Study On Nonlinear Static Behavior Of Siduhe River Suspension Bridge

Suspension bridge distinguishes from other kind of bridge for its unique mechanical behavior, and it is the preferabale choice for long span bridges due to its great spanning capacity. Suspension bridge is a strongly nonlinear structure while it is analyzed by a linear method in engineering caculation because of the complexity and large workload of nonlinear analysis. This thesis compares the results of nonlinear analysis in detail with that of linear analysis, based on the Siduhe Rive Suspension Bridge of Shanghai-Chengdu Expressway.

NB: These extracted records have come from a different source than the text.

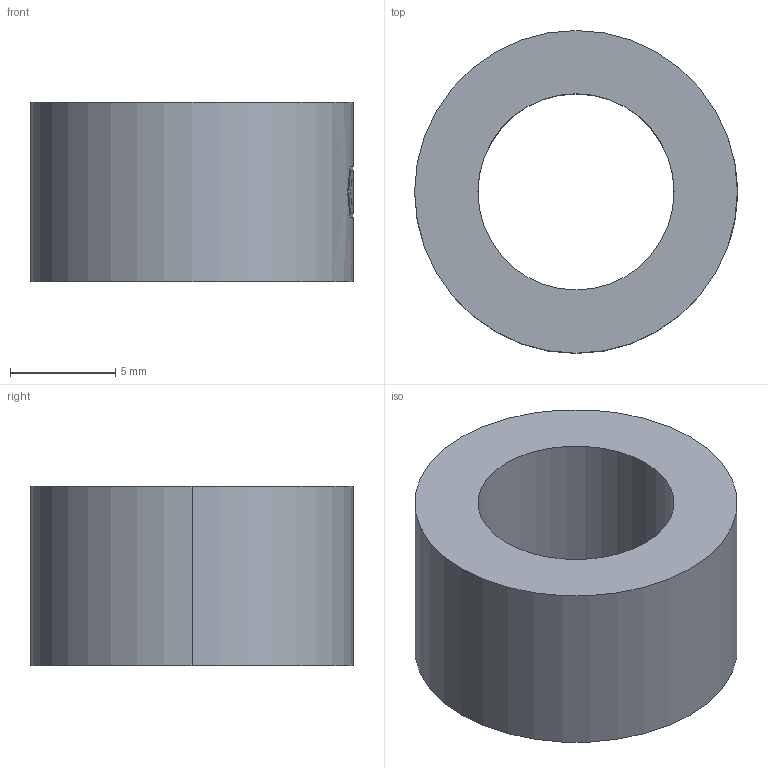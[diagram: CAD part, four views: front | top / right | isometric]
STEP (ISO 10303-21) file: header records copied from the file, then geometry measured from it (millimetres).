
FILE_DESCRIPTION (( 'STEP AP203' ), '1' );
FILE_NAME ('WJ-RD 13.STEP', '2007-02-21T10:58:16', ( ' ' ), ( '' ), 'SwSTEP 2.0', 'SolidWorks 2005278', '' );
FILE_SCHEMA (( 'CONFIG_CONTROL_DESIGN' ));
Length unit declared in the file: millimetre
Products named in the file (1): WJ-RD 13
Bounding box: 15.3 x 15.3 x 8.5 mm (x, y, z)
Volume: 985.2 mm3; surface area: 889.4 mm2
Topology: 1 solids, 1 shells, 43 faces, 117 edges, 78 vertices
Faces by surface type: plane 36, cylinder 7
Entity records: 1468 total; most frequent: CARTESIAN_POINT 299, ORIENTED_EDGE 234, DIRECTION 221, EDGE_CURVE 117, AXIS2_PLACEMENT_3D 80, VERTEX_POINT 78, VECTOR 61, LINE 61
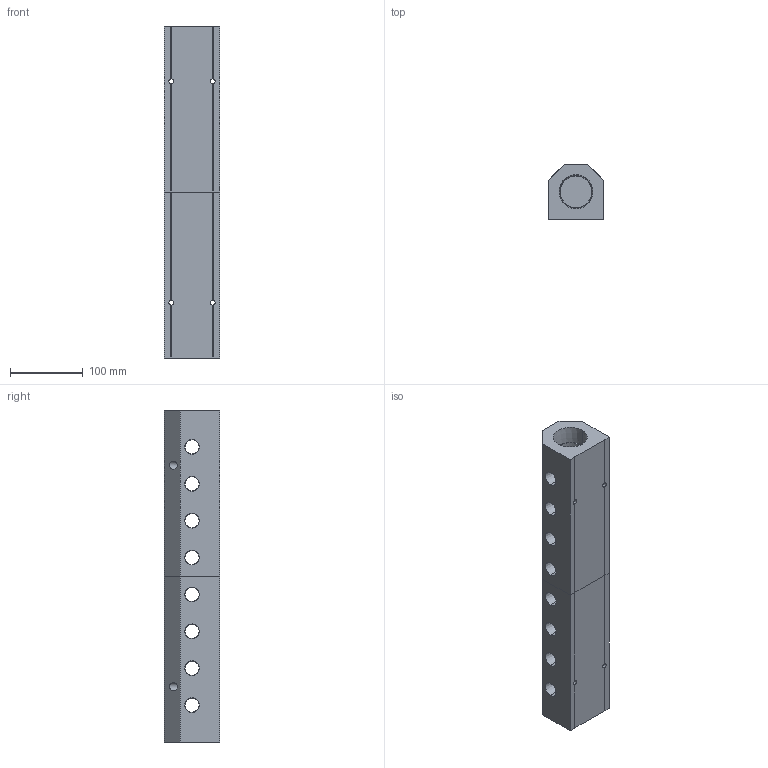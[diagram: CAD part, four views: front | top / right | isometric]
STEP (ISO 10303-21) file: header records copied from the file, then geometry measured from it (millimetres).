
FILE_DESCRIPTION (( 'STEP AP214' ), '1' );
FILE_NAME ('ALM8ACE-N8N24-457RB.step', '2022-02-07T09:39:49', ( '' ), ( '' ), 'SwSTEP 2.0', 'SolidWorks 2020', '' );
FILE_SCHEMA (( 'AUTOMOTIVE_DESIGN' ));
Length unit declared in the file: millimetre
Products named in the file (1): ALM8ACE-N8N24-457RB
Bounding box: 76.2 x 76.2 x 457 mm (x, y, z)
Volume: 1582364.9 mm3; surface area: 227831.2 mm2
Topology: 2 solids, 2 shells, 396 faces, 1064 edges, 696 vertices
Faces by surface type: plane 250, bspline 74, cone 52, cylinder 20
Entity records: 22708 total; most frequent: CARTESIAN_POINT 9487, ORIENTED_EDGE 2128, DIRECTION 1586, EDGE_CURVE 1064, VECTOR 764, LINE 764, VERTEX_POINT 696, EDGE_LOOP 476
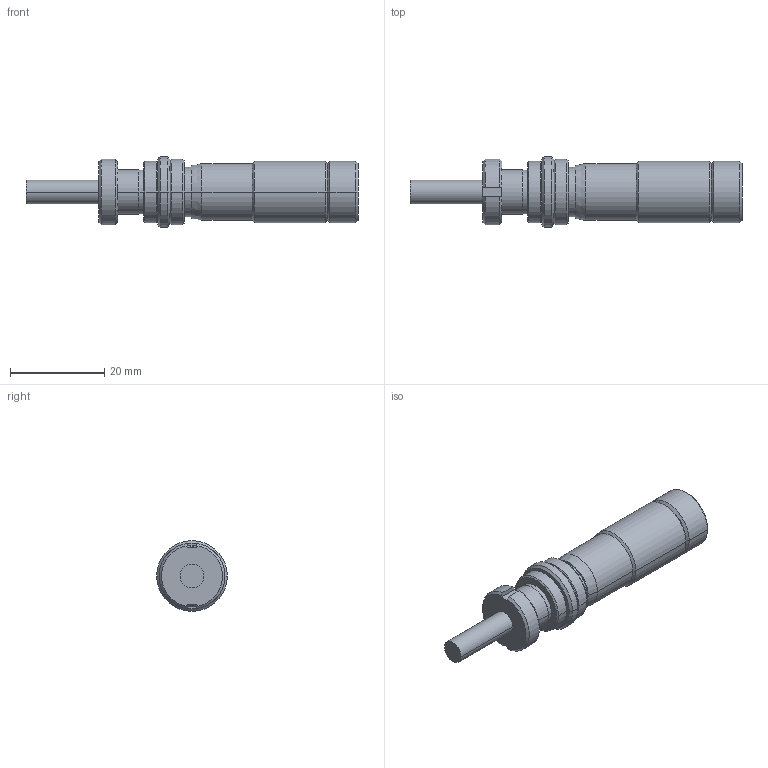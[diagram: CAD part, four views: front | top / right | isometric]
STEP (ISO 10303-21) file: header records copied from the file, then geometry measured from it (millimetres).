
FILE_DESCRIPTION(('Creo Elements/Direct Modeling STEP Export'),'2;1');
FILE_NAME('148-504_MHA2-13L.stp','2014-02-06T18:12:39',(''),(''),'Creo Elements/Direct Modeling STEP processor for AP214 (Solid Model)','Creo Elements/Direct Modeling 18.1B 29-Sep-2012 (C) Parametric Technology GmbH','');
FILE_SCHEMA(('AUTOMOTIVE_DESIGN { 1 0 10303 214 1 1 1 1 }'));
Length unit declared in the file: millimetre
Products named in the file (1): 148-504_MHA2-13L
Bounding box: 70.6 x 15 x 15 mm (x, y, z)
Volume: 7155 mm3; surface area: 2986.6 mm2
Topology: 1 solids, 1 shells, 64 faces, 136 edges, 82 vertices
Faces by surface type: cone 26, cylinder 22, plane 16
Entity records: 1648 total; most frequent: CARTESIAN_POINT 343, ORIENTED_EDGE 272, DIRECTION 252, EDGE_CURVE 136, AXIS2_PLACEMENT_3D 95, VERTEX_POINT 82, EDGE_LOOP 72, FACE_OUTER_BOUND 64
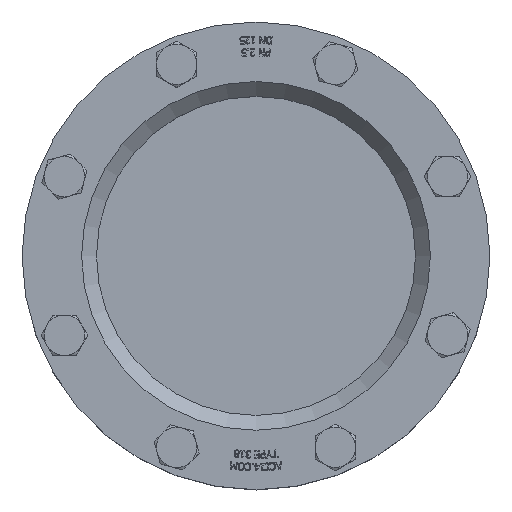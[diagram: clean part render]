
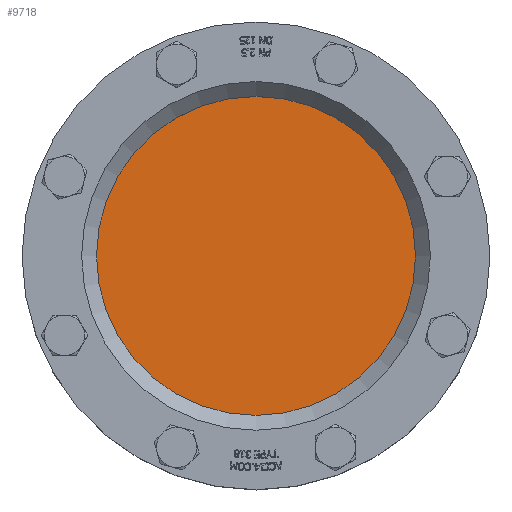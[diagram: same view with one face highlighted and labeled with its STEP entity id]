
A CAD part, top view. The second image highlights one B-rep face of the part: STEP entity #9718.
In plain terms, the highlighted planar face has unit normal (0, 0, 1).
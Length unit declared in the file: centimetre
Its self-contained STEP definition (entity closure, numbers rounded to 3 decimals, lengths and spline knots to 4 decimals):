
#3056=FACE_OUTER_BOUND('',#3625,.T.);
#3625=EDGE_LOOP('',(#6665));
#4245=CIRCLE('',#10284,7.5);
#4337=VERTEX_POINT('',#12567);
#5261=EDGE_CURVE('',#4337,#4337,#4245,.T.);
#6665=ORIENTED_EDGE('',*,*,#5261,.F.);
#9407=PLANE('',#10283);
#9718=ADVANCED_FACE('',(#3056),#9407,.F.);
#10283=AXIS2_PLACEMENT_3D('',#12566,#10781,#10782);
#10284=AXIS2_PLACEMENT_3D('',#12568,#10783,#10784);
#10781=DIRECTION('center_axis',(0.,0.,
-1.));
#10782=DIRECTION('ref_axis',(-1.,0.,0.));
#10783=DIRECTION('center_axis',(0.,0.,
-1.));
#10784=DIRECTION('ref_axis',(1.,0.,0.));
#12566=CARTESIAN_POINT('Origin',(3.6266,0.0625,-11.8311));
#12567=CARTESIAN_POINT('',(-3.8734,0.0625,-11.8311));
#12568=CARTESIAN_POINT('Origin',(3.6266,0.0625,-11.8311));

Some conclusions are obtained, which are useful references for engineering practice.First, Co-rational method, a common method used in suspension bridge nonlinear analysis, is introduced in this thesis. And the algorithms of the nonlinear equations (increment method, iteration method and combination of increment and iteration method) are reviewed also.Then, construction stage analysis is performed. A planar FEM model is established with Suspension Bridge Construction Control system SBCC. The change of the system stiffness and loads in variable stages is fully considered and the movement and deformation of the saddles are taken into account. Nonlinear finite element method is employed in construction stage analysis. The shape of the main cables,the internal force and displacement of the main cables,cable pylons,hangers and stiffening girder are computed in each construction stage including the final stage. The regularity of the internal force and displacement change of the suspension bridge under vertical load is analyzed.Finally, the service stage analysis is performed. Midas/Civil,a structure analysis and optimal design system for civil structures,is used. A 3-D FEM model is established, in which the finished state of the bridge is the initial state. Effects of the three kinds of live loads (vehicle load, static wind load and temperature load) are considerd. Further more, discrepancies between the results of nonlinear analysis and that of linear analysis are discussed. It is shown that the nonlinear effects of this bridge are not so obvious, since stiffeness of the bridge becomes larger in service stage.